It was all worth it.  It's fantastic.

6)  More
-I would like to say quite quickly before you get tired of me that tipping is not expected.  If you order drinks and food at a bar, no tip is expected. If you like your service and food, 12% tip is the norm.  Watch that the 12.5% service charge is not included in the bill and double tip.  I heard that Americans are loved because they are such good tippers--well, we are used to much more expected gratuity and also tipping all the time.  Another fact is that there is no tax on food in restaurants. So from a budgetary standpoint, you can plan on spending up to 25% less on dining out, than you would here.
AND two things that are hard to come by are tap water/drinking fountains and free rest rooms.  We found really early on not to wait until the last minute and to have change on your person to access the public potties.  Even the private potties sometime require an access code.  One time we bought a banana just to get it.
This predicament can leave you quite sick, you don't drink because you don't want to get stuck and it's hot so you get how this can become problematic.
If you want tap water in a restaurant your have to ask for it--and don't ask for still water because then it's coming in a bottle.

Okay here is my list of must sees in London and the UK.  Some are more like experiences and they are in no particular order....
1)  the London Eye
2)  St Paul's Cathedral (make sure you take the 528 stairs to the top of the dome!)
3)  Churchill War Rooms and the Churchill Museum
4)  the State Rooms at Buckingham Palace
5) Westminster Abbey
6)  the Imperial War Museum
7)  Stonehenge  (ok, not really London)
8)  Pubs and pub food
9)  London Theatre
10)  The Tower of London

Honorable mention to Windsor Castle, Borough Market, the Hard Rock Cafe and the London Underground.  What missed my list were the museums, which I know are fabulous but just made us tired.  Also skipped the whole afternoon tea thing.  A friend of our put it best.."I am more interested in afternoon beers than afternoon tea."

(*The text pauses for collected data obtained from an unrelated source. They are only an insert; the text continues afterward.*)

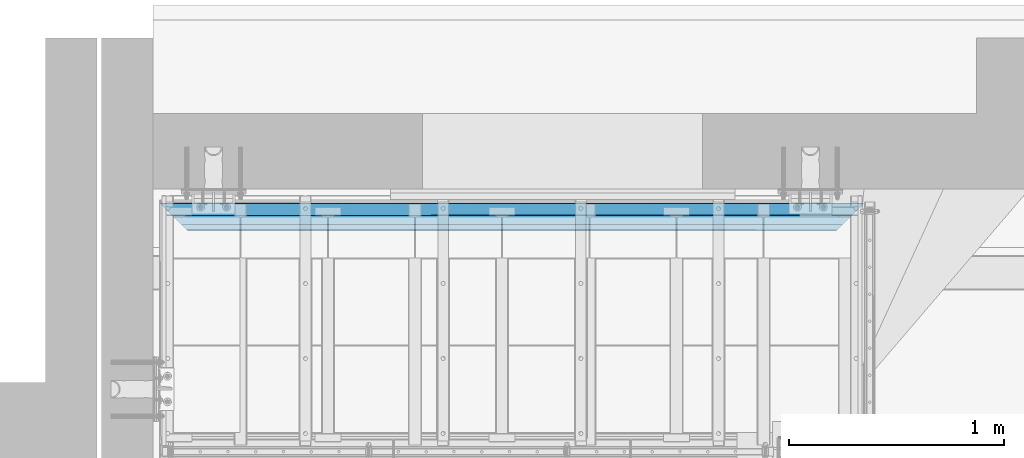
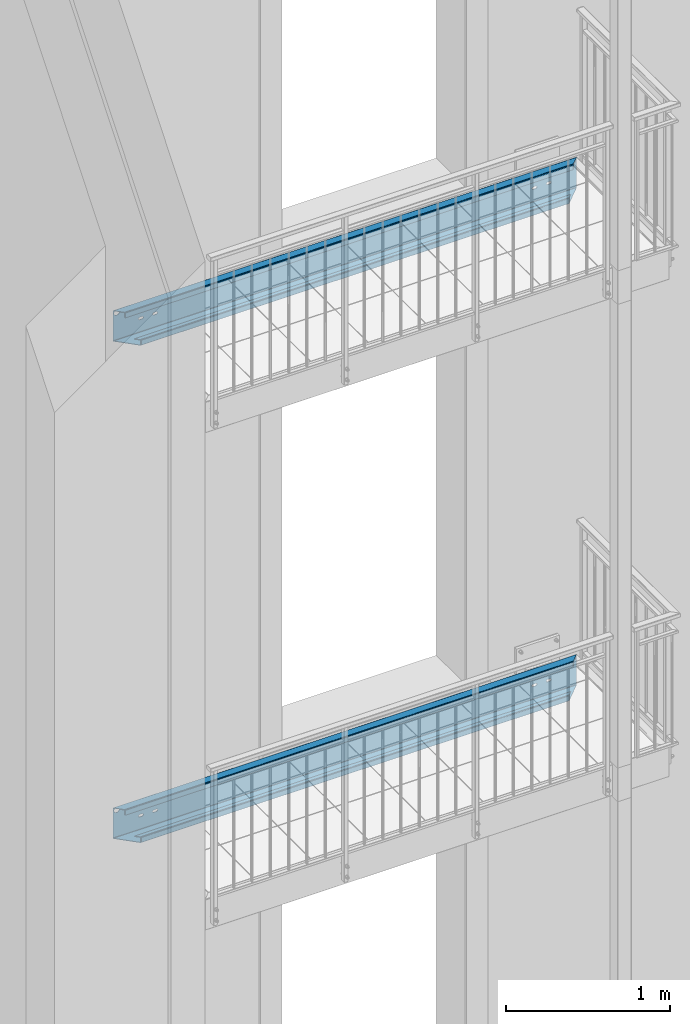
# One storey, part 47 of 162: 2 beams, 24 openings.
"""IFC2X3 building model written with IfcOpenShell, lengths in millimetres."""

import ifcopenshell
import ifcopenshell.guid

model = None  # the IFC model being written
_history = None  # IfcOwnerHistory: only IFC2X3 demands one
_inside = {}  # id of a spatial element -> (the spatial element, [elements in it])
_under = {}  # id of a project, library or spatial element -> (it, [spatial elements below it])
_declared = {}  # id of a project -> (the project, [libraries it declares])
_typed = {}  # id of a type object -> (the type object, [elements of that type])
_made_of = {}  # id of a material, layer set ... -> (it, [elements and type objects made of it])


def new_model(schema):
    """Start an empty IFC model of exactly this schema.

    Asked for "IFC4X3", IfcOpenShell would pick the latest addendum, in which some entities
    have other attributes; the version numbers below select the first issue.
    IFC2X3 requires an IfcOwnerHistory on every rooted entity: one is made here for all.
    """
    global model, _history
    if schema == "IFC4X3":
        model = ifcopenshell.file(schema_version=(4, 3, 0, 0))
    else:
        model = ifcopenshell.file(schema=schema)
    _inside.clear()
    _under.clear()
    _declared.clear()
    _typed.clear()
    _made_of.clear()
    _history = None
    if model.schema == "IFC2X3":
        org = make("IfcOrganization", Name="unknown")
        user = make(
            "IfcPersonAndOrganization",
            ThePerson=make("IfcPerson", FamilyName="unknown"),
            TheOrganization=org,
        )
        app = make(
            "IfcApplication",
            ApplicationDeveloper=org,
            Version="unknown",
            ApplicationFullName="unknown",
            ApplicationIdentifier="unknown",
        )
        _history = make(
            "IfcOwnerHistory",
            OwningUser=user,
            OwningApplication=app,
            ChangeAction="ADDED",
            CreationDate=0,
        )
    return model


def make(cls, **values):
    """One entity of the class cls with the attributes given. An attribute that is None is left unset."""
    return model.create_entity(
        cls, **{name: value for name, value in values.items() if value is not None}
    )


def entity(cls, *values):
    """Any entity or typed value of the class cls, its attributes in the order of the schema. None: left unset."""
    e = model.create_entity(cls)
    for i, value in enumerate(values):
        if value is not None:
            e[i] = value
    return e


def rooted(cls, **values):
    """An entity with a GlobalId (a new one), such as an element, a storey or a relation."""
    return make(cls, GlobalId=ifcopenshell.guid.new(), OwnerHistory=_history, **values)


def si_unit(unit_type, name, prefix=None):
    """IfcSIUnit, for example si_unit("LENGTHUNIT", "METRE", prefix="MILLI")."""
    return make("IfcSIUnit", UnitType=unit_type, Prefix=prefix, Name=name)


def converted_unit(unit_type, name, factor, base, dimensions=None, offset=None):
    """IfcConversionBasedUnit, such as the inch: factor (a typed value) times the base unit."""
    return make(
        "IfcConversionBasedUnit"
        if offset is None
        else "IfcConversionBasedUnitWithOffset",
        ConversionOffset=offset,
        Dimensions=None
        if dimensions is None
        else entity("IfcDimensionalExponents", *dimensions),
        UnitType=unit_type,
        Name=name,
        ConversionFactor=make(
            "IfcMeasureWithUnit", ValueComponent=factor, UnitComponent=base
        ),
    )


def assignment(units):
    """IfcUnitAssignment: the units of a project."""
    return None if units is None else make("IfcUnitAssignment", Units=units)


def point(xyz):
    """IfcCartesianPoint."""
    return None if xyz is None else make("IfcCartesianPoint", Coordinates=xyz)


def direction(xyz):
    """IfcDirection."""
    return None if xyz is None else make("IfcDirection", DirectionRatios=xyz)


def frame(location, z_axis=None, x_axis=None):
    """IfcAxis2Placement3D, a coordinate frame: its origin and axes. An axis left out is left unset."""
    return make(
        "IfcAxis2Placement3D",
        Location=point(location),
        Axis=direction(z_axis),
        RefDirection=direction(x_axis),
    )


def frame_2d(location, x_axis=None):
    """IfcAxis2Placement2D, a coordinate frame in the plane: its origin and x axis."""
    return make(
        "IfcAxis2Placement2D", Location=point(location), RefDirection=direction(x_axis)
    )


def origin():
    """The frame at (0, 0, 0) with its axes left unset."""
    return frame((0.0, 0.0, 0.0))


def origin_with_axes():
    """The frame at (0, 0, 0) with the z axis (0, 0, 1) and the x axis (1, 0, 0) written out."""
    return frame((0.0, 0.0, 0.0), z_axis=(0.0, 0.0, 1.0), x_axis=(1.0, 0.0, 0.0))


def place(relative_to, where):
    """IfcLocalPlacement: puts the frame where relative to a parent placement (None: the world)."""
    return make(
        "IfcLocalPlacement", PlacementRelTo=relative_to, RelativePlacement=where
    )


def context(
    kind, dimensions, precision=None, world=None, true_north=None, identifier=None
):
    """IfcGeometricRepresentationContext, for example the 3D "Model" context."""
    return make(
        "IfcGeometricRepresentationContext",
        ContextIdentifier=identifier,
        ContextType=kind,
        CoordinateSpaceDimension=dimensions,
        Precision=precision,
        WorldCoordinateSystem=world,
        TrueNorth=true_north,
    )


def project(units=None, contexts=None):
    """IfcProject with its units and contexts."""
    return rooted(
        "IfcProject",
        Name="project",
        RepresentationContexts=contexts,
        UnitsInContext=assignment(units),
    )


def spatial(cls, under=None, at=None, **own):
    """A site, building, storey or space (cls), placed at a placement, below another one or the project."""
    s = rooted(cls, ObjectPlacement=at, **own)
    if under is not None:
        _under.setdefault(under.id(), (under, []))[1].append(s)
    return s


def polyline(points):
    """IfcPolyline through the points."""
    return make("IfcPolyline", Points=[point(p) for p in points])


def circle_curve(where, radius):
    """IfcCircle in the frame where."""
    return make("IfcCircle", Position=where, Radius=radius)


def line_curve(start, along, magnitude):
    """IfcLine from a point along a vector."""
    return make(
        "IfcLine",
        Pnt=point(start),
        Dir=make("IfcVector", Orientation=direction(along), Magnitude=magnitude),
    )


def trimmed(basis, trim1, trim2, sense, master):
    """IfcTrimmedCurve: the piece of a basis curve between two trims."""
    return make(
        "IfcTrimmedCurve",
        BasisCurve=basis,
        Trim1=trim1,
        Trim2=trim2,
        SenseAgreement=sense,
        MasterRepresentation=master,
    )


def segment(curve, same_sense, transition):
    """IfcCompositeCurveSegment."""
    return make(
        "IfcCompositeCurveSegment",
        Transition=transition,
        SameSense=same_sense,
        ParentCurve=curve,
    )


def composite_curve(segments, self_intersect=None):
    """IfcCompositeCurve: segments joined end to end."""
    return make("IfcCompositeCurve", Segments=segments, SelfIntersect=self_intersect)


def profile(cls, at=None, kind="AREA", **sizes):
    """A parametric profile (cls). Its sizes go by their IFC names, for example OverallWidth=200.0."""
    return make(cls, ProfileType=kind, Position=at, **sizes)


def circle(**sizes):
    """IfcCircleProfileDef."""
    return profile("IfcCircleProfileDef", **sizes)


def outline(outer, holes=None, kind="AREA"):
    """IfcArbitraryClosedProfileDef: a profile drawn as a closed curve; with holes, ...WithVoids."""
    if holes is None:
        return make("IfcArbitraryClosedProfileDef", ProfileType=kind, OuterCurve=outer)
    return make(
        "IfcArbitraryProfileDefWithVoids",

This was long but I hope you enjoyed reading! Here are some more pictures!
 View from the London Eye

Buck House, please!

View from St. Paul's Cathedral

Westminster Abbey

Overlooking the Thames and the London Eye

Queen Victoria and Windsor Castle

London Calling!!

Can I please get some service??

Tower of London 

Tuesday, March 5, 2019

Winter Wonderland Sun Valley, ID February 15-20

Sun Valley Resort and Mount "Baldy"
Well, life has been moving pretty quickly in our household.  We went to Disneyland, then my daughter returned to school, then it rained an awful lot but we still managed to get to Fan Fest, then it was my birthday, then my dad had heart surgery, then it was February/Winter break/Ski week.  A month and a half of the new year had flown by.

When you are in college, you don't get a February break, so we were going to have one less kid to pay for if we wanted to go somewhere.  Another issue that reared its ugly head was that the baseball season had started and it was generally frowned upon to leave town.  We got on this right away, and our answer was that it was better to go earlier than later, so we decided to leave Friday February 15 and be back by the middle of the following week.  We thought this was a great shot at some destination skiing.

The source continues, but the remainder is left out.